==== RECORD EXCERPTS ====
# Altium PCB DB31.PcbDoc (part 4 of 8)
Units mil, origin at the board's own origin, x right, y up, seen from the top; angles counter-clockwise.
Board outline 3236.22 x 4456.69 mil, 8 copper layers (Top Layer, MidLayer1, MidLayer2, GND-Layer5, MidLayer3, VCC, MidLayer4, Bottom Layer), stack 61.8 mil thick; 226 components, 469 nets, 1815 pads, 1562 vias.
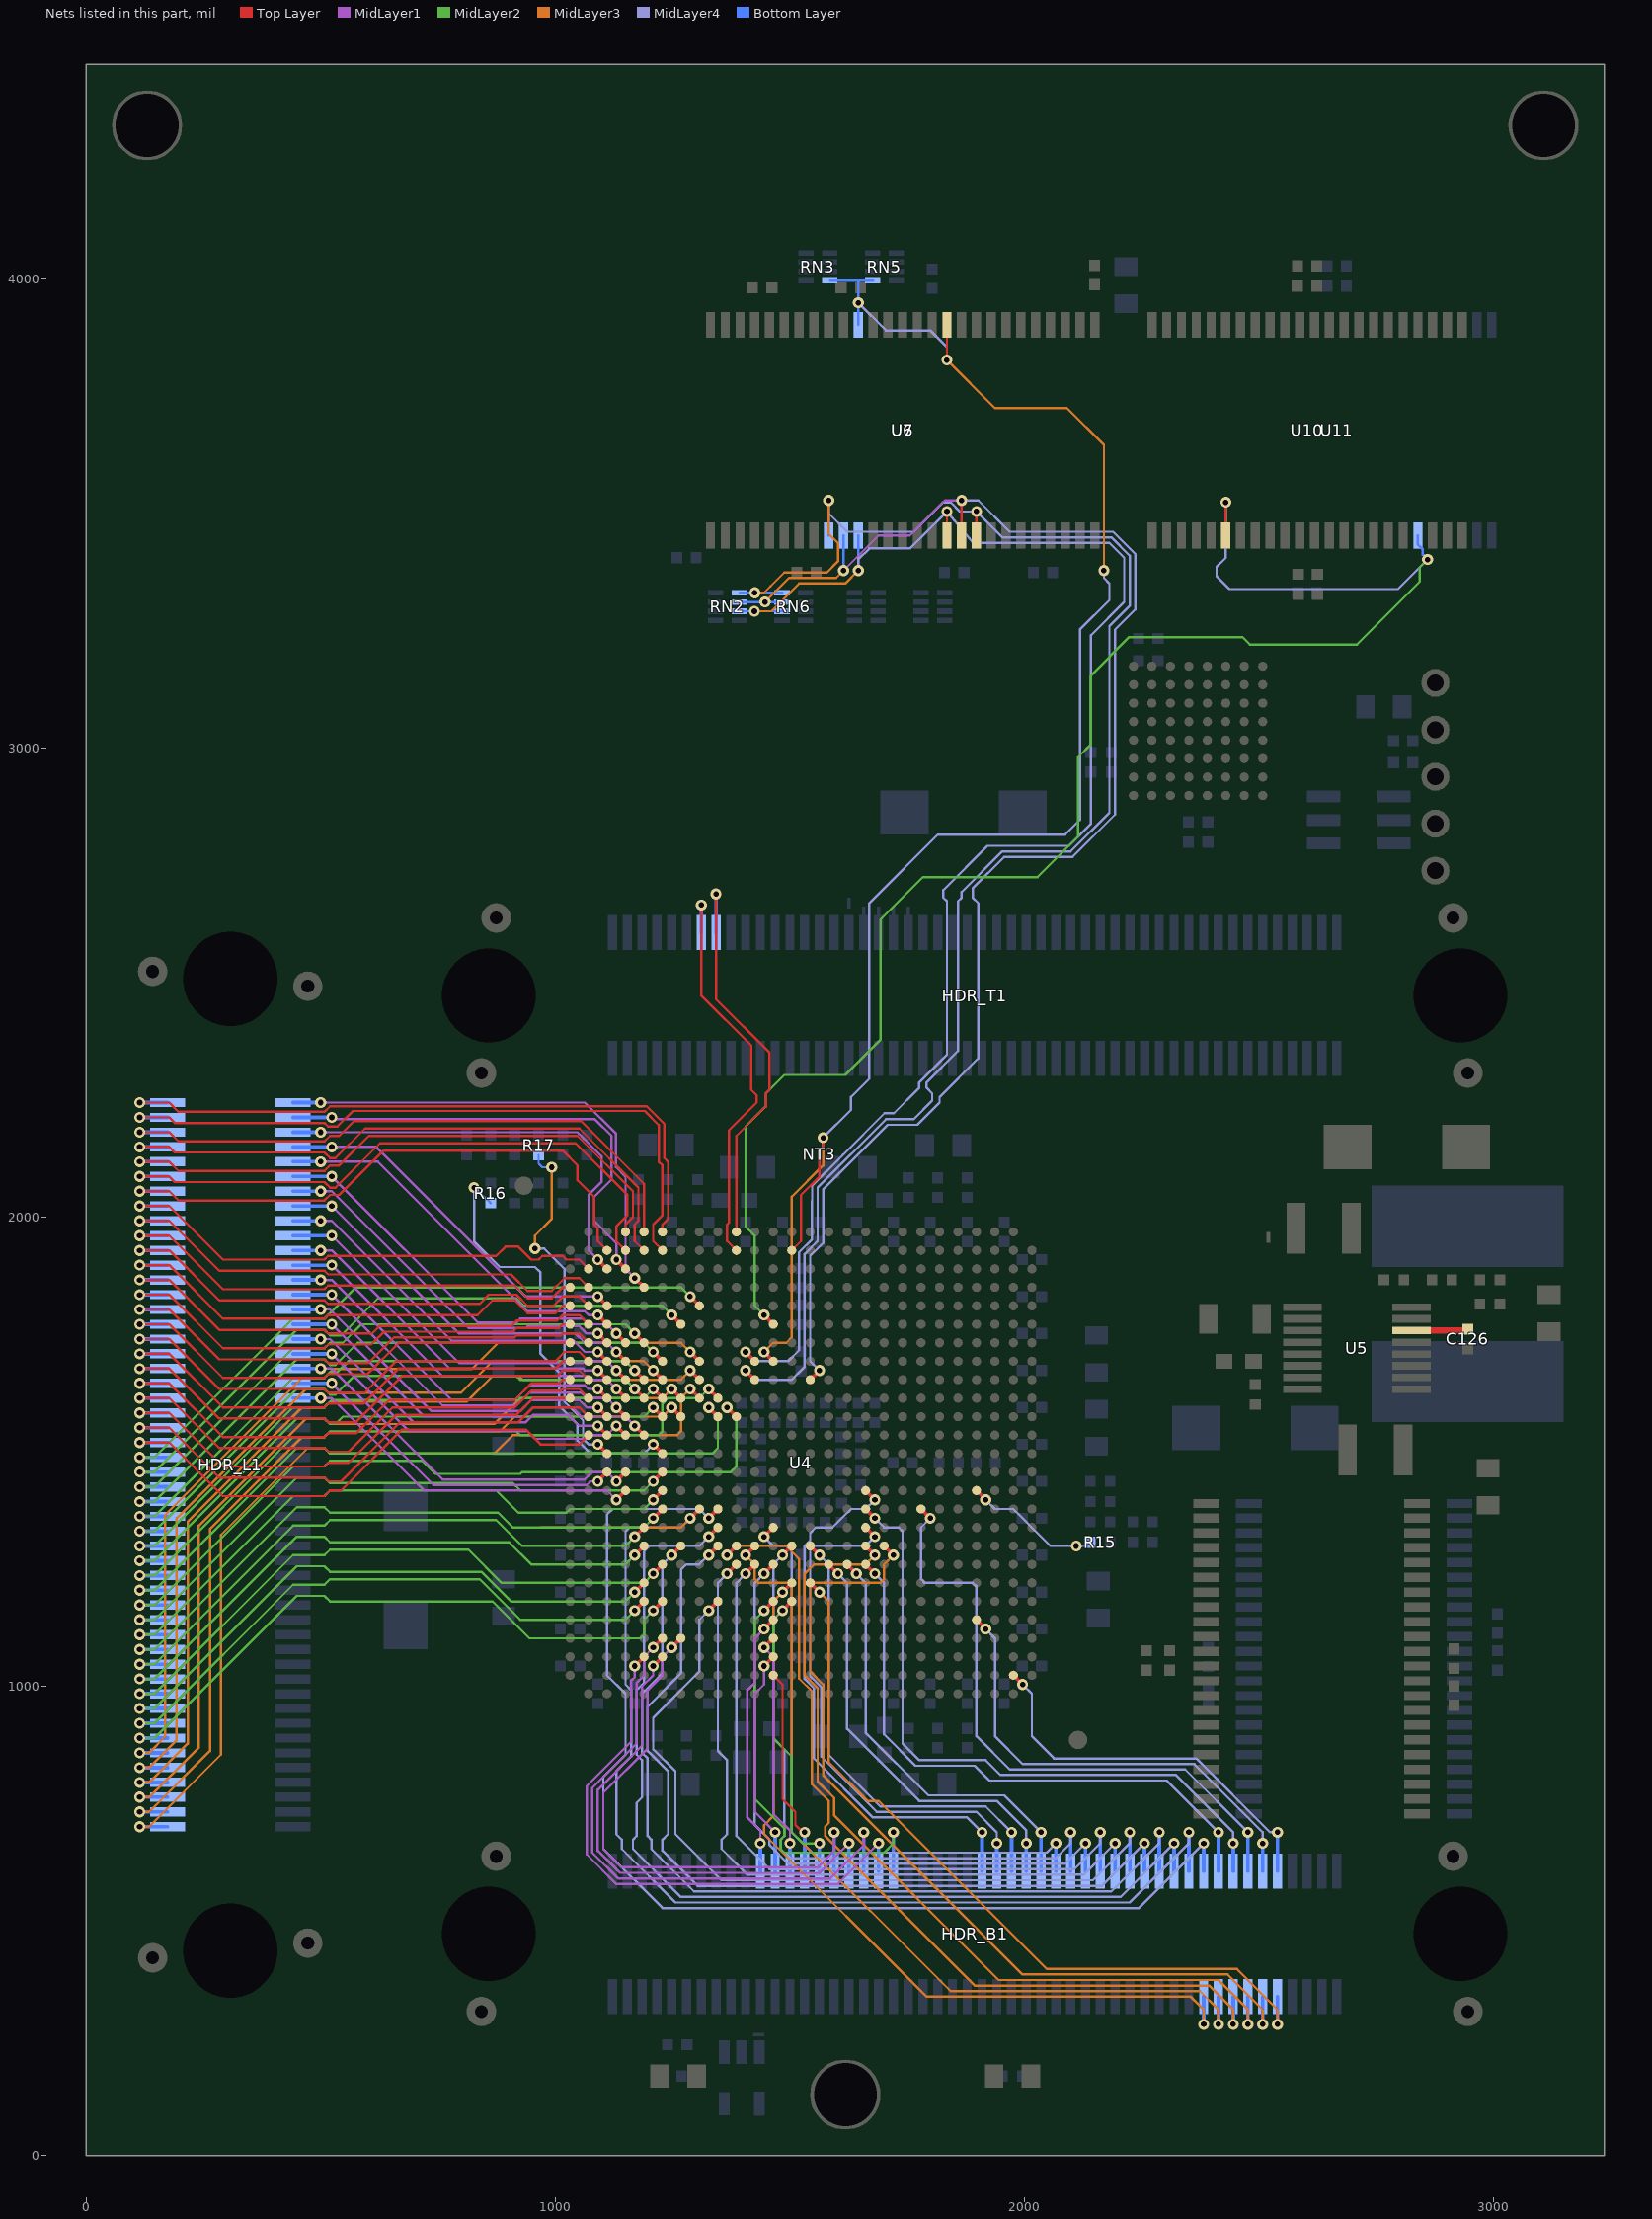
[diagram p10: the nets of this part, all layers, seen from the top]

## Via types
v1: diameter 23.62, hole 11.81, Top Layer to Bottom Layer, 947 vias
v2: diameter 23.62, hole 11.81, Top Layer to Bottom Layer, tented both sides, 476 vias
v3: diameter 27.56, hole 15.75, Top Layer to Bottom Layer, 138 vias
v4: diameter 23.62, hole 11.81, Top Layer to Bottom Layer, tented top, 1 vias

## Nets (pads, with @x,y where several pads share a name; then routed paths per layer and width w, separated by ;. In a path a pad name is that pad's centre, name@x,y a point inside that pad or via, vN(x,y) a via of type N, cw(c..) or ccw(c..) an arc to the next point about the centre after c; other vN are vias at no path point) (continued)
BUS_SDRAM_CLK: NT3.2 RN3.8 RN5.5 U4.H12 U6.38 U7.38 | length 3402.8
  Top Layer w5: NT3.2@1562.99,2141.73 1570.87,2149.61 v1(1570.87,2169.29) ; v2(1834.64,3826.77) U6.38@1834.65,3901.57
  Top Layer w7.87: v1(1444.88,1712.6) U4.H12@1464.57,1692.91
  MidLayer3 w5: v1(1444.88,1712.6) 1464.57,1732.28 1492.13,1732.28 1503.94,1744.09 1503.94,2031.49 1503.94,2039.37 1503.94,2043.31 1570.87,2110.24 v1(1570.87,2169.29) ; v2(1834.64,3826.77) 1937,3724.41 2090.55,3724.41 2169.29,3645.67 v1(2169.29,3377.95)
  MidLayer4 w5: v1(1570.87,2169.29) 1629.92,2228.35 1629.92,2255.91 1669.29,2295.28 1669.29,2669.29 1814.96,2814.96 2086.61,2814.96 2118.11,2846.46 2118.11,3251.97 2181.1,3314.96 2181.1,3350.39 2169.29,3362.2 v1(2169.29,3377.95) ; v2(1645.67,3948.82) 1704.72,3889.76 1799.21,3889.76 1834.64,3854.34 v2(1834.64,3826.77)
  Bottom Layer w5: RN3.8@1586.22,3996.06 RN5.5@1676.19,3996.06 RN5.5@1677.56,3996.06 ; U7.38@1645.67,3901.57 v2(1645.67,3948.82) 1645.67,3996.06
BUS_SDRAM_FEEDBACK: NT3.1 U4.B13 | length 221.3
  Top Layer w5: U4.B13@1503.94,1929.13 1523.62,1948.82 1523.62,2047.24 1562.99,2086.61 NT3.1@1562.99,2125.98
BUS_SDRAM_NCAS: RN2.7 RN6.6 U4.H11 U6.17 U7.17 | length 3407.4
  Top Layer w5: U6.17@1834.65,3452.76 1834.64,3499.99 v1(1834.65,3503.94)
  Top Layer w7.87: v1(1405.51,1712.6) U4.H11@1425.2,1692.91
  MidLayer3 w5: v1(1424.23,3291.34) 1460.63,3291.34 1519.68,3350.39 1618.11,3350.39 v2(1645.67,3377.95)
  MidLayer4 w5: v1(1405.51,1712.6) 1425.2,1692.91 1496.06,1692.91 1519.68,1716.54 1519.68,1925.2 1547.24,1952.76 1547.24,2031.5 1547.49,2039.37 1547.49,2067.18 1613.19,2132.87 1701.77,2221.46 1721.46,2221.46 1775.59,2275.59 1775.59,2287.4 1834.65,2346.46 1834.65,2673.23 1826.77,2681.1 1826.77,2696.85 1921.26,2791.34 2094.49,2791.34 2141.73,2838.58 2141.73,3240.16 2212.6,3311.02 2212.6,3405.51 2181.1,3437.01 1890.42,3437.01 v1(1834.65,3503.94) 1755.91,3425.2 1669.29,3425.2 1645.67,3401.57 v2(1645.67,3377.95)
  Bottom Layer w5: RN2.7@1393.3,3291.34 v1(1424.23,3291.34) RN6.6@1483.28,3291.34 RN6.6@1484.64,3291.34 ; v2(1645.67,3377.95) U7.17@1645.67,3452.76
BUS_SDRAM_NCS: RN2.5 RN6.8 U4.J11 U6.19 U7.19 | length 3648.5
  Top Layer w5: U6.19@1897.64,3452.76 v2(1897.63,3503.93)
  Top Layer w7.87: v1(1405.51,1673.23) U4.J11@1425.2,1653.54
  MidLayer3 w5: v1(1425.2,3330.71) 1444.88,3330.71 1458.54,3344.36 1488.19,3374.02 1578.74,3374.02 1602.36,3397.64 1602.36,3437.01 1582.68,3456.69 v2(1582.68,3527.56)
  MidLayer4 w5: v1(1405.51,1673.23) 1425.2,1653.54 1503.94,1653.54 1527.56,1677.16 ; 1519.68,1669.28 1531.5,1681.09 1531.5,1921.26 1559.06,1948.82 1559.06,2031.5 1559.06,2039.37 1559.06,2062.99 1704.72,2208.66 1763.78,2208.66 1803.15,2248.03 1803.15,2263.78 1791.34,2275.59 1791.34,2287.4 1858.27,2354.33 1858.27,2673.23 1866.14,2681.1 1866.14,2692.91 1952.76,2779.53 2098.43,2779.53 2181.1,2862.2 2181.1,3259.84 2224.41,3303.15 2224.41,3409.45 2185.04,3448.82 1952.76,3448.82 v2(1897.63,3503.93) 1862.21,3503.93 1842.52,3523.62 1826.77,3523.62 1763.78,3460.63 1622.05,3460.63 1582.68,3500 v2(1582.68,3527.56)
  Bottom Layer w5: RN2.5@1393.31,3330.71 v1(1425.2,3330.71) RN6.8@1483.28,3330.71 RN6.8@1484.26,3330.71 ; U7.19@1582.68,3452.76 v2(1582.68,3527.56)
BUS_SDRAM_NRAS: RN2.6 RN6.7 U4.J14 U6.18 U7.18 | length 3371.3
  Top Layer w5: U6.18@1866.14,3452.76 v1(1866.14,3527.55)
  Top Layer w7.87: U4.J14@1543.31,1653.54 v1(1562.99,1673.23)
  MidLayer1 w5: v2(1614.17,3377.95) 1688.98,3452.76 1755.91,3452.76 1830.7,3527.55 v1(1866.14,3527.55)
  MidLayer3 w5: v1(1446.86,3311.02) 1498.05,3362.2 1598.43,3362.2 v2(1614.17,3377.95)
  MidLayer4 w5: v1(1562.99,1673.23) 1543.31,1692.91 1543.31,1917.32 1570.87,1944.88 1570.87,2031.5 1570.87,2039.37 1570.87,2059.05 1708.66,2196.85 1771.65,2196.85 1818.9,2244.09 1818.9,2255.91 1901.57,2338.58 1901.57,2669.29 1889.76,2681.1 1889.76,2700.79 1956.69,2767.72 2102.36,2767.72 2192.91,2858.27 2192.91,3251.97 2236.22,3295.28 2236.22,3413.39 2188.98,3460.63 1968.5,3460.63 1901.58,3527.55 v1(1866.14,3527.55) v1@1858.27,3531.5
  Bottom Layer w5: RN2.6@1393.3,3311.02 v1(1446.86,3311.02) RN6.7@1483.28,3311.03 RN6.7@1484.64,3311.02 ; v2(1614.17,3377.95) U7.18@1614.17,3452.76
BUS_SRAM_NCS: U4.F12 U10.6 U11.6 | length 3565.7
  Top Layer w5: U10.6@2429.13,3452.76 2429.13,3503.94 v2(2429.13,3523.62)
  Top Layer w7.87: v1(1444.88,1791.34) U4.F12@1464.57,1771.65
  MidLayer2 w5: v1(1444.88,1791.34) 1425.2,1811.02 1425.2,1866.14 1425.2,1960.62 1405.51,1980.31 1405.51,2031.49 1405.51,2039.37 1405.51,2192.91 1448.82,2236.22 1448.82,2244.09 1448.82,2263.78 1488.19,2303.15 1618.11,2303.15 1692.91,2377.95 1692.91,2633.86 1783.46,2724.41 2027.56,2724.41 2114.17,2811.02 2114.17,2980.32 2141.73,3007.87 2141.73,3154.53 2223.42,3236.22 2464.57,3236.22 2480.32,3220.47 2708.66,3220.47 2842.52,3354.33 2842.52,3384.83 v2(2859.27,3401.57)
  MidLayer4 w5: v2(2429.13,3523.62) 2429.13,3405.51 2409.45,3385.83 2409.45,3366.14 2437.01,3338.58 2796.28,3338.58 v2(2859.27,3401.57)
  Bottom Layer w5: U11.6@2838.58,3452.76 2838.58,3433.42 2848.92,3423.08 2848.92,3411.92 v2(2859.27,3401.57)
BUZZER: HDR_B1.40 U4.AA12 | length 931.1
  Top Layer w7.87: v1(1444.88,1161.41) U4.AA12@1464.57,1181.1
  MidLayer2 w5: v1(1444.88,1161.41) 1425.2,1141.73 1425.2,921.26 1425.2,909.45 1425.2,759.84 1488.19,696.85 1488.19,681.1 1480.31,673.23 1480.31,653.54 1488.19,645.67 1700.79,645.67 1720.47,665.35 v2(1720.47,688.98)
  Bottom Layer w7.87: HDR_B1.40@1720.48,606.3 v2(1720.47,688.98)
CAN_RXD: HDR_T1.14 U4.B10 | length 878.4
  Top Layer w5: v2(1311.02,2665.35) 1311.02,2472.44 1417.32,2366.14 1417.32,2271.65 1429.13,2259.84 1429.13,2244.09 1370.08,2185.04 1370.08,2043.31 1370.08,2031.5 1370.08,1988.19 1366.14,1984.25 1366.14,1948.82 U4.B10@1385.83,1929.13
  Bottom Layer w7.87: HDR_T1.14@1311.02,2606.3 v2(1311.02,2665.35)
CAN_TXD: HDR_T1.16 U4.A10 | length 879.8
  Top Layer w5: v2(1342.52,2688.98) 1342.52,2464.57 1456.69,2350.39 1456.69,2271.66 1448.82,2263.78 1448.82,2236.22 1385.83,2173.23 1385.83,2043.31 1385.83,2031.5 U4.A10@1385.83,1968.5
  Bottom Layer w7.87: HDR_T1.16@1342.52,2606.3 v2(1342.52,2688.98)
COMP: C126.2 U5.6 | length 121.4
  Top Layer w13.78: U5.6@2824.58,1758.25 2942.3,1758.25 C126.2@2944.88,1760.82
CONF_DONE: R15.2 U4.R23 | length 302.6
  Top Layer w7.87: U4.R23@1897.64,1417.32 v1(1917.33,1397.64)
  MidLayer4 w5: v1(1917.33,1397.64) 1937.01,1377.95 1976.38,1377.95 2055.12,1299.21 v1(2110.24,1299.21)
  Bottom Layer w5: v1@2110.24,1307.08 v1(2110.24,1299.21) 2132.36,1299.21 R15.2@2140.23,1307.08
DATA0: R17.2 U4.N3 | length 760.6
  Top Layer w7.87: v1(1090.55,1515.75) U4.N3@1110.24,1496.06
  MidLayer3 w5: v1(956.69,1933.07) 956.69,1960.63 992.13,1996.06 v1(992.13,2106.3)
  MidLayer4 w5: v1(956.69,1933.07) 976.38,1933.07 1019.69,1889.76 1019.69,1606.3 1059.06,1566.93 1059.06,1527.56 1070.87,1515.75 v1(1090.55,1515.75)
  Bottom Layer w5: R17.2@964.56,2132.36 964.56,2114.18 972.44,2106.3 v1(992.13,2106.3)
DAU_RESET_SW: HDR_B1.38 U4.AD5 | length 1214.9
  Top Layer w7.87: v1(1169.29,1043.3) U4.AD5@1188.98,1062.99
  MidLayer1 w5: v1(1169.29,1043.3) 1169.29,1019.68 1161.42,1011.81 1161.42,921.26 1161.42,909.45 1161.42,881.89 1066.93,787.4 1066.93,641.73 1129.92,578.74 1602.36,578.74 v2(1688.98,665.35)
  Bottom Layer w7.87: HDR_B1.38@1688.98,606.3 v2(1688.98,665.35)
DAU_TFT_BLIGHT: HDR_B1.91 U4.Y14 | length 1664
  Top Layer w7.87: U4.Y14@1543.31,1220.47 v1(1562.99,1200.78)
====
TRY IT :: The answer should hold only the lines from the start of the records above through the line containing "Units mil, origin", each set down exactly.

RESPONSE BELOW ::
# Altium PCB DB31.PcbDoc (part 4 of 8)
Units mil, origin at the board's own origin, x right, y up, seen from the top; angles counter-clockwise.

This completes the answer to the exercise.